Cell culture is fundamental to many research and industrial processes, but traditional transport methods are fraught with challenges. Cryopreservation, the most common technique, requires potentially cytotoxic cryoprotective and can lead to poor cell recovery. Additionally, the logistics of cryopreservation are complex, requiring specialised equipment and careful handling. An ambient temperature transport medium like CellShip could significantly ease these issues.
This study introduces CellShip, a novel transportation medium for mammalian cells. Five commonly used cell lines (HEK293, CHO, HepG2, K562, and Jurkat) were successfully transported and stored at ambient temperature for up to 96 hours, maintaining high cell viability.
Methods of Cell Transportation
Current cell transportation methods largely rely on cryo- preservation, where cells are frozen using cryoprotective agents (CPAs) such as dimethyl sulfoxide (DMSO). This process, though effective, has several drawbacks:
- Logistical Challenges: Requires slow freezing at -1°C per minute to -80°C, storage in liquid nitrogen, and transport on dry ice.

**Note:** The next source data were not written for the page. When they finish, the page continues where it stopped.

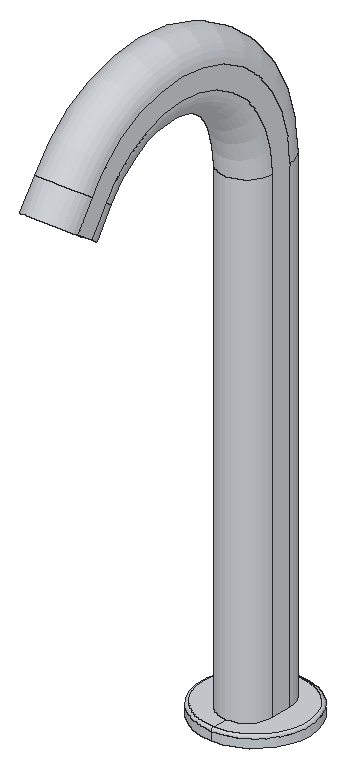
Revit family "Faucet_Touchless-Lavatory-KOHLER-Oblo_Tall-K-103B86_1", category Plumbing Fixtures, host Face, Revit 2017
Family settings
  Host = Face
  Round Connector Dimension = Use Diameter
  Part Type = Normal
  OmniClass Number = 23.31.11.00
  Cut with Voids When Loaded = No
  Shared = No
  Room Calculation Point = No
Parameters (values of type "CP-Polished Chrome")
  Width = 2 5/16"  # constant formula
  WaterSense Certified = 1 = 0  # no
  Waste Water Outlet = "Waste Water Outlet"  # constant formula
  Waste Connection = 1 = 0  # no
  Voltage = 120 V  # constant formula
  Vent Connection = 1 = 0  # no
  URL = "https://www.us.kohler.com/us/"
  Tempered Water Inlet = "Tempered Water Inlet"  # constant formula
  Spout Reach = 5 3/16"  # constant formula
  Product Page URL = "http://www.us.kohler.com/us/catalog/productDetails.jsp?productNumber=103B86-SANA"
  Product Name = "Oblo Tall"  # constant formula
  Product Documentation Link = "https://www.us.kohler.com/webassets/kpna/catalog/pdf/en/K-103B86-SANA_spec.pdf"
  Pressure = 60.00 psi  # constant formula
  Model = "K-103B86-SANA-CP"  # constant formula
  Material = "Brass Construction"  # constant formula
  MasterFormat 2004 = "22.41.39"  # constant formula
  MasterFormat 1995 = "15410"  # constant formula
  Manufacturer Address = "444 Highland Dr, Kohler, WI 53044"  # constant formula
  Manufacturer = "KOHLER Co."  # constant formula
  Length = Spout Reach  # 5 3/16"
  Hot Water Inlet = "Hot Water Inlet"  # constant formula
  Height = 13 7/8"  # constant formula
  HW Connection = 1 = 1  # yes
  Flow Rate = 0.5 GPM  # constant formula
  Finish = Kohler-Metal-CP-Polished_Chrome
  Environmental Product Declaration = ""
  Electrical Note = "One dedicated circuit required, protected with Class A Ground-Fault Circuit-Interrupter (GFCI). Outside North America, this device may be known as a Residual Current Device (RCD)"  # constant formula
  Electrical Connector = 1 = 1  # yes
  Drain Included = 1 = 1  # yes
  Description = "Touchless faucet with Kinesis sensor technology, AC-powered"  # constant formula
  Default Elevation = 36"
  Declare Label = ""
  Date Modified = "01/08/2020"  # constant formula
  Date Created = "01/08/2020"  # constant formula
  Copyright = "Copyright KOHLER Co."  # constant formula
  Contact Us = "https://www.us.kohler.com/us/static/contact.jsp"
  Cold Water Inlet = "Cold Water Inlet"  # constant formula
  CW Connection = 1 = 0  # no
  Assembly Code = "D2010"
  Apparent Load = 15 A * Voltage  # 1800 VA
  ADA Compliant = 1 = 1  # yes
Reference planes (in)
  plane 1 "Center (Front/Back)": y = 0
  plane 2: z = 0
  plane 3 "Center (Left/Right)": x = 0
  plane 4: x = -1.15625
  plane 5: x = 1.15625
  plane 6: y = 1.15625
  plane 7: y = -1.15625
  plane 8: y = -5.1875
  plane 9: z = 13.875
  plane 10: z = 0.23622
  plane 11: z = 11.4375
  plane 12: y = -5.82161
  plane 13: x = -0.55118
  plane 14: x = 0.55118
  plane 15: y = 0.77357
Dimensions and locks (in)
  "Width": plane 4 to plane 5
  locked: plane 7 to plane 6 at 2.3125
  "Length": plane 8 to plane 1 "Center (Front/Back)"
  "Height": plane 9 to plane 2
  locked: level to plane 11 at 11.4375
  "Spout Reach": plane 1 "Center (Front/Back)" to plane 8
  aligned and locked: plane 2 to host face
  aligned and locked: level to host face
Automatic sketch dimensions
  host sketch curve to host sketch curve = 96"  (x2)
Nested families (in)
  nested 1: "K-103B86" at (0, 0, 0), type "K-103B86"
Connectors (in)
  piping at (0, 0, 0), diameter 0.375, driven by "Flow Rate", driven by "Pressure", driven by "HW Connection", driven by "Tempered Water Inlet"
    settings: on nested 1, index 1, connector inside diameter 24", connector length 0", flow factor 0, pipe flow 0.5 GPM, pressure drop 60.00 psi, fitting loss kfactor 0, connector angle 0.00°, fixture units 0, engagement length 0", angle of deflection 0.00°, flow configuration 1, flow direction 1, fitting loss method 4, system type 19, joint type 0, gender type 0, connector reference index -1, connector utility 1, adjustable connector no, is connector primary yes, connector description "Tempered Water Inlet"
  electrical at (0, 0.77357, 0), driven by "Voltage", driven by "Apparent Load", driven by "Electrical Connector", driven by "Electrical Note"
    settings: on nested 1, index 3, voltage 120 V, apparent load 1800 VA, apparent load phase1 0 VA, apparent load phase2 0 VA, apparent load phase3 0 VA, power factor 1, load classification "Other", number of poles 1, system type 30, power factor state 1, is connector primary yes, connector utility yes, sub classification motor no, connector description "One dedicated circuit required, protected with Class A Ground-Fault Circuit-Interrupter (GFCI). Outside North America, this device may be known as a Residual Current Device (RCD)"
Definition of nested family "K-103B86"
  Parameters (values of type "K-103B86")
    Material = none
  Reference planes (in)
    plane 1 "Center (Front/Back)": y = 0
    plane 2: z = 0
    plane 3 "Center (Left/Right)": x = 0
    plane 4: x = -1.15625
    plane 5: x = 1.15625
    plane 6: y = 1.15625
    plane 7: y = -1.15625
    plane 8: z = 13.875
    plane 9: y = -5.1875
    plane 10: z = 11.4375
    plane 11: y = 0.77357
    plane 12: y = -0.77357
    plane 13: z = 0.23622
    plane 14: y = -5.82121
    plane 15: x = -0.55118
    plane 16: x = 0.55118
  Forms (in)
    Revolve 1, solid, material <- "Material", detail levels medium+fine
      sketch origin (0, 0, 0) x (0, 1, 0) y (0, 0, 1)
        loop
          line (1.15625, 0) -> (1.15625, 0.17964)
          arc (1.15625, 0.17964) -> (1.13968, 0.21965) -> (1.09967, 0.23622) r 0.05658
          line (1.09967, 0.23622) -> (0, 0.23622) -> (0, 0) -> (1.15625, 0)
        axis (0, 0) -> (0, 0.23622)
      angle from 0 to 360
    Sweep 2, solid, material <- "Material", detail levels medium+fine
      path origin (0, 0, -0.04004) x (0, 1, 0) y (0, 0, 1)
        loop
          line (0, 0.27706) -> (0, 10.5154)
          arc (0, 10.5154) -> (-1.84846, 13.03639) -> (-4.80861, 12.03155) r 2.64332
          line (-4.80861, 12.03155) -> (-5.1875, 11.49044)
      profile origin (0, 0, 5.35619) x (0, -1, 0) y (1, 0, 0)
        loop
          spline (0.22638, -0.55118) -> (0.36802, -0.53239) -> (0.50001, -0.47732) -> (0.61335, -0.3897) -> (0.70031, -0.27552) -> (0.75496, -0.14256) -> (0.77357, 0.00012) -> (0.75489, 0.14279) -> (0.70018, 0.27573) -> (0.61318, 0.38987) -> (0.4998, 0.47744) -> (0.36779, 0.53246) -> (0.22613, 0.55118)
          line (0.22613, 0.55118) -> (-0.22638, 0.55118)
          spline (-0.22638, 0.55118) -> (-0.368, 0.5324) -> (-0.49998, 0.47734) -> (-0.6133, 0.38974) -> (-0.70026, 0.27559) -> (-0.75493, 0.14266) -> (-0.77358, 0) -> (-0.75493, -0.14266) -> (-0.70026, -0.27559) -> (-0.6133, -0.38974) -> (-0.49998, -0.47734) -> (-0.368, -0.5324) -> (-0.22638, -0.55118)
          line (-0.22638, -0.55118) -> (0.22638, -0.55118)
    Extrusion 3, solid, material <- "Material", detail levels coarse
      sketch origin (0, 0, 0) x (1, 0, 0) y (0, 1, 0)
        loop
          circle (0, 0) r 1.15625
      from 0 to 0.23622
    Sweep 4, solid, material <- "Material", detail levels coarse
      path origin (0, 0, -0.0166) x (0, 1, 0) y (0, 0, 1)
        loop
          line (0, 0.22048) -> (0, 10.47048)
          arc (0, 10.47048) -> (-1.8532, 12.99792) -> (-4.82093, 11.99051) r 2.6501
          line (-4.82093, 11.99051) -> (-5.1875, 11.467)
      profile origin (0, 0, 5.32887) x (0, -1, 0) y (1, 0, 0)
        loop
          spline (0.77362, 0) -> (0.74726, 0.14266) -> (0.66997, 0.27559) -> (0.54703, 0.38974) -> (0.38681, 0.47734) -> (0.20023, 0.5324) -> (0, 0.55118) -> (-0.20023, 0.5324) -> (-0.38681, 0.47734) -> (-0.54703, 0.38974) -> (-0.66997, 0.27559) -> (-0.74726, 0.14266) -> (-0.77362, 0)
          spline (-0.77362, 0) -> (-0.74726, -0.14266) -> (-0.66997, -0.27559) -> (-0.54703, -0.38974) -> (-0.38681, -0.47734) -> (-0.20023, -0.5324) -> (0, -0.55118) -> (0.20023, -0.5324) -> (0.38681, -0.47734) -> (0.54703, -0.38974) -> (0.66997, -0.27559) -> (0.74726, -0.14266) -> (0.77362, 0)
    Extrusion 5, void
      sketch origin (0, -5.1875, 11.4504) x (1, 0, 0) y (0, -0.819152, 0.573576)
        loop
          circle (0, 0.08619) r 0.5
        loop
          circle (0, 0.08619) r 0.48516
        loop
          circle (0, 0.08619) r 0.41777
      from -0.10741 to 0.12297
    Extrusion 6, solid, detail levels medium+fine
      sketch origin (0, -5.1875, 11.4504) x (1, 0, 0) y (0, -0.819152, 0.573576)
        loop
          arc (-0.04957, 0.25238) -> (-0.14428, 0.21801) -> (-0.22139, 0.15318) r 0.2885
          line (-0.22139, 0.15318) -> (-0.1868, 0.13321) -> (-0.23635, 0.04739) -> (-0.27094, 0.06737)
          arc (-0.27094, 0.06737) -> (-0.28853, -0.03184) -> (-0.27094, -0.13104) r 0.2885
          line (-0.27094, -0.13104) -> (-0.23635, -0.11107) -> (-0.1868, -0.19688) -> (-0.22139, -0.21685)
          arc (-0.22139, -0.21685) -> (-0.14428, -0.28169) -> (-0.04957, -0.31606) r 0.2885
          line (-0.04957, -0.31606) -> (-0.04957, -0.27611) -> (0.04952, -0.27611) -> (0.04952, -0.31606)
          arc (0.04952, -0.31606) -> (0.14423, -0.28169) -> (0.22134, -0.21685) r 0.2885
          line (0.22134, -0.21685) -> (0.18675, -0.19688) -> (0.2363, -0.11107) -> (0.27089, -0.13104)
          arc (0.27089, -0.13104) -> (0.28848, -0.03184) -> (0.27089, 0.06737) r 0.2885
          line (0.27089, 0.06737) -> (0.2363, 0.04739) -> (0.18675, 0.13321) -> (0.22134, 0.15318)
          arc (0.22134, 0.15318) -> (0.14423, 0.21801) -> (0.04952, 0.25238) r 0.2885
          line (0.04952, 0.25238) -> (0.04952, 0.21244) -> (-0.04957, 0.21244) -> (-0.04957, 0.25238)
      from -0.10741 to -0.08036
    Extrusion 7, solid, material <- "Material", detail levels medium+fine
      sketch origin (0, 0, 0) x (1, 0, 0) y (0, 1, 0)
        loop
          circle (0, 0) r 0.1875
        loop
          circle (0, 0.77357) r 0.125
      from 0 to 0.01356
  Cuts and joins
    Extrusion 5 cuts Sweep 2
    joined: Revolve 1, Sweep 2
    joined: Extrusion 3, Sweep 4
  Lines and regions (in)
    Masking region 1
      outline origin (0, 0, 0) x (1, 0, 0) y (0, 1, 0)
        loop
          arc (0.55118, -1.01642) -> (1.12075, 0.28432) -> (0, 1.15625) r 1.15625
          arc (0, 1.15625) -> (-1.12075, 0.28432) -> (-0.55118, -1.01642) r 1.15625
          line (-0.55118, -1.01642) -> (-0.55118, -5.37338)
          spline (-0.55118, -5.37338) -> (-0.53241, -5.48935) -> (-0.47738, -5.59743) -> (-0.38983, -5.69025) -> (-0.27574, -5.76149) -> (-0.14286, -5.80629) -> (-0.00026, -5.82161) -> (0.14237, -5.8064) -> (0.27529, -5.7617) -> (0.38947, -5.69055) -> (0.47712, -5.5978) -> (0.53228, -5.48976) -> (0.55118, -5.37379)
          line (0.55118, -5.37379) -> (0.55118, -1.01642)
    Masking region 2
      outline origin (0, 0, 0) x (1, 0, 0) y (0, 0, 1)
        loop
          line (1.15625, 0) -> (1.15625, 0.18027)
          arc (1.15625, 0.18027) -> (1.13986, 0.21983) -> (1.1003, 0.23622) r 0.05595
          line (1.1003, 0.23622) -> (0.55118, 0.23622) -> (0.55118, 13.32382)
          arc (0.55118, 13.32382) -> (0, 13.875) -> (-0.55118, 13.32382) r 0.55118
          line (-0.55118, 13.32382) -> (-0.55118, 0.23622) -> (-1.1003, 0.23622)
          arc (-1.1003, 0.23622) -> (-1.13986, 0.21983) -> (-1.15625, 0.18027) r 0.05595
          line (-1.15625, 0.18027) -> (-1.15625, 0) -> (1.15625, 0)
    Masking region 3
      outline origin (0, 0, 0) x (0, 1, 0) y (0, 0, 1)
        loop
          line (1.15625, 0) -> (1.15625, 0.18047)
          arc (1.15625, 0.18047) -> (1.13992, 0.21989) -> (1.1005, 0.23622) r 0.05575
          line (1.1005, 0.23622) -> (0.77357, 0.23622) -> (0.77357, 10.45316)
          arc (0.77357, 10.45316) -> (-1.62074, 13.71859) -> (-5.45502, 12.41703) r 3.4239
          line (-5.45502, 12.41703) -> (-5.82121, 11.88123) -> (-4.55988, 10.99804) -> (-4.18005, 11.5405)
          arc (-4.18005, 11.5405) -> (-2.08305, 12.25234) -> (-0.77357, 10.46644) r 1.87256
          line (-0.77357, 10.46644) -> (-0.77357, 0.23622) -> (-1.1005, 0.23622)
          arc (-1.1005, 0.23622) -> (-1.13992, 0.21989) -> (-1.15625, 0.18047) r 0.05575
          line (-1.15625, 0.18047) -> (-1.15625, 0) -> (1.15625, 0)
    symbolic lines, detail levels medium+fine
      curve 1: spline (-0.55118, 0.22638, 0) -> (-0.5324, 0.368, 0) -> (-0.47734, 0.49998, 0) -> (-0.38974, 0.6133, 0) -> (-0.27559, 0.70026, 0) -> (-0.14266, 0.75493, 0) -> (0, 0.77357, 0) -> (0.14266, 0.75493, 0) -> (0.27559, 0.70026, 0) -> (0.38974, 0.6133, 0) -> (0.47734, 0.49998, 0) -> (0.5324, 0.368, 0) -> (0.55118, 0.22638, 0)
      curve 2: line (-0.55118, 0.22638, 0) -> (-0.55118, -1.01642, 0)
      curve 3: line (0.55118, 0.22638, 0) -> (0.55118, -1.01642, 0)
      curve 4: line (-0.55118, 0, 0.23622) -> (0.55118, 0, 0.23622)
      curve 5: line (0, 0.77357, 0.23622) -> (0, -0.77357, 0.23622)
      curve 6: line (0, 0.30078, 0.23622) -> (0, 0.30078, 10.29809)
      curve 7: line (0, -0.30078, 0.23622) -> (0, -0.30078, 10.43401)
      curve 8: line (0, -4.94717, 11.26922) -> (0, -4.58594, 11.78512)
      curve 9: line (0, -5.43995, 11.61426) -> (0, -5.15667, 12.01882)
      curve 10: arc (0, -0.30078, 10.43401) -> (0, -1.94803, 12.68057) -> (0, -4.58594, 11.78512) r 2.35558
      curve 11: arc (0, 0.30078, 10.29809) -> (0, -1.7971, 13.15924) -> (0, -5.15667, 12.01882) r 3
      curve 12: spline (0.55118, 0, 11.58024) -> (0.5324, 0, 11.66147) -> (0.47734, 0, 11.73717) -> (0.38974, 0, 11.80217) -> (0.27559, 0, 11.85205) -> (0.14266, 0, 11.88341) -> (0, 0, 11.8941) -> (-0.14266, 0, 11.88341) -> (-0.27559, 0, 11.85205) -> (-0.38974, 0, 11.80217) -> (-0.47734, 0, 11.73717) -> (-0.5324, 0, 11.66147) -> (-0.55118, 0, 11.58024)
      curve 13: spline (-0.55118, 0, 11.32055) -> (-0.53239, 0, 11.23931) -> (-0.47732, 0, 11.1636) -> (-0.3897, 0, 11.09859) -> (-0.27552, 0, 11.04872) -> (-0.14256, 0, 11.01737) -> (0.00012, 0, 11.00669) -> (0.14279, 0, 11.01741) -> (0.27573, 0, 11.04879) -> (0.38987, 0, 11.09869) -> (0.47744, 0, 11.16372) -> (0.53246, 0, 11.23944) -> (0.55118, 0, 11.32069)
      curve 14: spline (0.5, 0, 11.49983) -> (0.48296, 0, 11.42561) -> (0.43301, 0, 11.35644) -> (0.35355, 0, 11.29704) -> (0.25, 0, 11.25147) -> (0.12941, 0, 11.22282) -> (0, 0, 11.21304) -> (-0.12941, 0, 11.22282) -> (-0.25, 0, 11.25147) -> (-0.35355, 0, 11.29704) -> (-0.43301, 0, 11.35644) -> (-0.48296, 0, 11.42561) -> (-0.5, 0, 11.49983) -> (-0.48296, 0, 11.57406) -> (-0.43301, 0, 11.64323) -> (-0.35355, 0, 11.70262) -> (-0.25, 0, 11.7482) -> (-0.12941, 0, 11.77685) -> (0, 0, 11.78662) -> (0.12941, 0, 11.77685) -> (0.25, 0, 11.7482) -> (0.35355, 0, 11.70262) -> (0.43301, 0, 11.64323) -> (0.48296, 0, 11.57406) -> (0.5, 0, 11.49983)
      curve 15: spline (0.48516, 0, 11.49983) -> (0.46863, 0, 11.57186) -> (0.42016, 0, 11.63897) -> (0.34306, 0, 11.6966) -> (0.24258, 0, 11.74083) -> (0.12557, 0, 11.76863) -> (0, 0, 11.77811) -> (-0.12557, 0, 11.76863) -> (-0.24258, 0, 11.74083) -> (-0.34306, 0, 11.6966) -> (-0.42016, 0, 11.63897) -> (-0.46863, 0, 11.57186) -> (-0.48516, 0, 11.49983) -> (-0.46863, 0, 11.42781) -> (-0.42016, 0, 11.3607) -> (-0.34306, 0, 11.30306) -> (-0.24258, 0, 11.25884) -> (-0.12557, 0, 11.23104) -> (0, 0, 11.22156) -> (0.12557, 0, 11.23104) -> (0.24258, 0, 11.25884) -> (0.34306, 0, 11.30306) -> (0.42016, 0, 11.3607) -> (0.46863, 0, 11.42781) -> (0.48516, 0, 11.49983)
      curve 16: spline (0.41777, 0, 11.49983) -> (0.40354, 0, 11.43781) -> (0.3618, 0, 11.38002) -> (0.29541, 0, 11.33039) -> (0.20889, 0, 11.29231) -> (0.10813, 0, 11.26837) -> (0, 0, 11.26021) -> (-0.10813, 0, 11.26837) -> (-0.20888, 0, 11.29231) -> (-0.29541, 0, 11.33039) -> (-0.3618, 0, 11.38002) -> (-0.40354, 0, 11.43781) -> (-0.41777, 0, 11.49983) -> (-0.40354, 0, 11.56185) -> (-0.3618, 0, 11.61964) -> (-0.29541, 0, 11.66927) -> (-0.20888, 0, 11.70735) -> (-0.10813, 0, 11.73129) -> (0, 0, 11.73946) -> (0.10813, 0, 11.73129) -> (0.20889, 0, 11.70735) -> (0.29541, 0, 11.66927) -> (0.3618, 0, 11.61964) -> (0.40354, 0, 11.56185) -> (0.41777, 0, 11.49983)
      curve 17: spline (-0.41067, 0, 11.54382) -> (-0.39909, 0, 11.51697) -> (-0.3822, 0, 11.49106) -> (-0.36021, 0, 11.46643) -> (-0.33342, 0, 11.44343) -> (-0.30218, 0, 11.42235) -> (-0.26692, 0, 11.40348) -> (-0.2281, 0, 11.38706) -> (-0.18624, 0, 11.37332) -> (-0.14189, 0, 11.36244) -> (-0.09566, 0, 11.35456) -> (-0.04815, 0, 11.34979) -> (0, 0, 11.34819)
      curve 18: spline (0, 0, 11.34819) -> (0.04815, 0, 11.34979) -> (0.09566, 0, 11.35456) -> (0.14189, 0, 11.36244) -> (0.18624, 0, 11.37332) -> (0.2281, 0, 11.38706) -> (0.26692, 0, 11.40348) -> (0.30218, 0, 11.42235) -> (0.33342, 0, 11.44343) -> (0.36021, 0, 11.46643) -> (0.3822, 0, 11.49106) -> (0.39909, 0, 11.51697) -> (0.41067, 0, 11.54382)
      curve 19: line (-0.0492, 0, 11.35743) -> (-0.0492, 0, 11.38034)
      curve 20: line (0.04988, 0, 11.38034) -> (0.04988, 0, 11.35743)
      curve 21: spline (0.22171, 0, 11.41433) -> (0.21051, 0, 11.40709) -> (0.1986, 0, 11.40023) -> (0.186, 0, 11.39379) -> (0.17278, 0, 11.38778) -> (0.15896, 0, 11.38222) -> (0.14459, 0, 11.37714) -> (0.12974, 0, 11.37255) -> (0.11444, 0, 11.36846) -> (0.09875, 0, 11.3649) -> (0.08273, 0, 11.36186) -> (0.06642, 0, 11.35937) -> (0.04988, 0, 11.35743)
      curve 22: line (0.18712, 0, 11.42579) -> (0.22171, 0, 11.41433)
      curve 23: line (0.23666, 0, 11.475) -> (0.18712, 0, 11.42579)
      curve 24: line (0.27125, 0, 11.46355) -> (0.23666, 0, 11.475)
      curve 25: spline (0.27125, 0, 11.57735) -> (0.27659, 0, 11.56817) -> (0.28098, 0, 11.55882) -> (0.28441, 0, 11.54934) -> (0.28687, 0, 11.53977) -> (0.28835, 0, 11.53013) -> (0.28885, 0, 11.52045) -> (0.28835, 0, 11.51077) -> (0.28687, 0, 11.50113) -> (0.28441, 0, 11.49156) -> (0.28098, 0, 11.48208) -> (0.27659, 0, 11.47273) -> (0.27125, 0, 11.46355)
      curve 26: line (0.23666, 0, 11.5659) -> (0.27125, 0, 11.57735)
      curve 27: line (0.18712, 0, 11.61512) -> (0.23666, 0, 11.5659)
      curve 28: spline (0.04988, 0, 11.68347) -> (0.06642, 0, 11.68153) -> (0.08273, 0, 11.67904) -> (0.09875, 0, 11.67601) -> (0.11444, 0, 11.67244) -> (0.12974, 0, 11.66835) -> (0.14459, 0, 11.66376) -> (0.15896, 0, 11.65868) -> (0.17278, 0, 11.65312) -> (0.186, 0, 11.64711) -> (0.1986, 0, 11.64067) -> (0.21051, 0, 11.63381) -> (0.22171, 0, 11.62657)
      curve 29: line (0.22171, 0, 11.62657) -> (0.18712, 0, 11.61512)
      curve 30: line (0.04988, 0, 11.68347) -> (0.04988, 0, 11.6384)
      curve 31: line (0.04988, 0, 11.6384) -> (-0.0492, 0, 11.6384)
      curve 32: line (-0.0492, 0, 11.6384) -> (-0.0492, 0, 11.68347)
      curve 33: spline (-0.22103, 0, 11.62657) -> (-0.20983, 0, 11.63381) -> (-0.19792, 0, 11.64067) -> (-0.18532, 0, 11.64711) -> (-0.17209, 0, 11.65312) -> (-0.15827, 0, 11.65868) -> (-0.14391, 0, 11.66376) -> (-0.12906, 0, 11.66835) -> (-0.11376, 0, 11.67244) -> (-0.09807, 0, 11.67601) -> (-0.08204, 0, 11.67904) -> (-0.06574, 0, 11.68153) -> (-0.0492, 0, 11.68347)
      curve 34: line (-0.18644, 0, 11.61512) -> (-0.22103, 0, 11.62657)
      curve 35: line (-0.23598, 0, 11.5659) -> (-0.18644, 0, 11.61512)
      curve 36: line (-0.27057, 0, 11.57735) -> (-0.23598, 0, 11.5659)
      curve 37: spline (-0.27057, 0, 11.46355) -> (-0.27591, 0, 11.47273) -> (-0.2803, 0, 11.48208) -> (-0.28373, 0, 11.49156) -> (-0.28619, 0, 11.50113) -> (-0.28767, 0, 11.51077) -> (-0.28816, 0, 11.52045) -> (-0.28767, 0, 11.53013) -> (-0.28619, 0, 11.53977) -> (-0.28373, 0, 11.54934) -> (-0.2803, 0, 11.55882) -> (-0.27591, 0, 11.56817) -> (-0.27057, 0, 11.57735)
      curve 38: line (-0.23598, 0, 11.475) -> (-0.27057, 0, 11.46355)
      curve 39: line (-0.18644, 0, 11.42579) -> (-0.23598, 0, 11.475)
      curve 40: line (-0.22103, 0, 11.41433) -> (-0.18644, 0, 11.42579)
      curve 41: spline (-0.0492, 0, 11.35743) -> (-0.06574, 0, 11.35937) -> (-0.08204, 0, 11.36186) -> (-0.09807, 0, 11.3649) -> (-0.11376, 0, 11.36846) -> (-0.12906, 0, 11.37255) -> (-0.14391, 0, 11.37714) -> (-0.15827, 0, 11.38222) -> (-0.17209, 0, 11.38778) -> (-0.18532, 0, 11.39379) -> (-0.19792, 0, 11.40023) -> (-0.20983, 0, 11.40709) -> (-0.22103, 0, 11.41433)
      curve 42: line (0.04988, 0, 11.38034) -> (-0.0492, 0, 11.38034)
  Dimensions and locks (in)
    plane 4 to plane 5 = 2 5/16"
    plane 8 to plane 2 = 13 7/8"
    plane 1 "Center (Front/Back)" to plane 9 = 5 3/16"
    plane 10 to plane 2 = 11 7/16"
    plane 11 to plane 12 = 1.54715"
    aligned and locked: plane 2 to level

- Cytotoxicity: Prolonged exposure to DMSO can lead to cellular changes and toxicity.
- Recovery Issues: Cells must be thawed quickly to avoid ice crystal formation, followed by careful removal or dilution of DMSO to prevent osmotic shock. Alternatively, cells can be shipped as growing cultures in sealed vessels, which is feasible for short durations but presents risks of contamination and cell detachment, leading to cell death (anoikis).
Development of CellShip
CellShip was developed to address these issues by providing a medium that allows for ambient temperature transport. This eliminates the need for cryopreservatives and reduces the risk of cell damage. The study assessed the viability and cell count of five cell lines (HEK293, CHO, HepG2, K562, and Jurkat) after transport and storage in CellShip for 72 to 96 hours.
Materials and Methods
• Cell Culture Conditions: Cells were cultured at 37°C in a humidified environment with 5% CO2. Specific media formulations were used for different cell lines, all supplemented with 10% foetal bovine serum (FBS).
• Cell Count and Viability: Cell counts, and viability were measured using a CytoSmartTM automated cell counter and Trypan Blue exclusion. Fold changes in cell numbers were calculated before transport, immediately after transport, and following a recovery period.
Morphological Analysis: The morphology of HepG2 cells was examined by phase-contrast microscopy post-recovery.
Transportation Procedure: Cells were transported in 2 mL Nalgene cryovials, placed in polystyrene transport containers, and shipped via commercial courier. Internal package temperature was monitored using a TinyTag data logger.
Cryopreservation Procedure: For comparison, cells were cryopreserved in FBS with 10% DMSO, frozen slowly at -80°C, stored in liquid nitrogen, and transported on dry ice.
Recovery and Sampling: Post-transportation, CellShip suspensions were directly transferred to growth media. Cryopreserved cells were thawed and gradually diluted with pre-warmed media.
Metabolic Activity: Metabolic activity post-transportation was measured using the alamarBlue® reduction assay.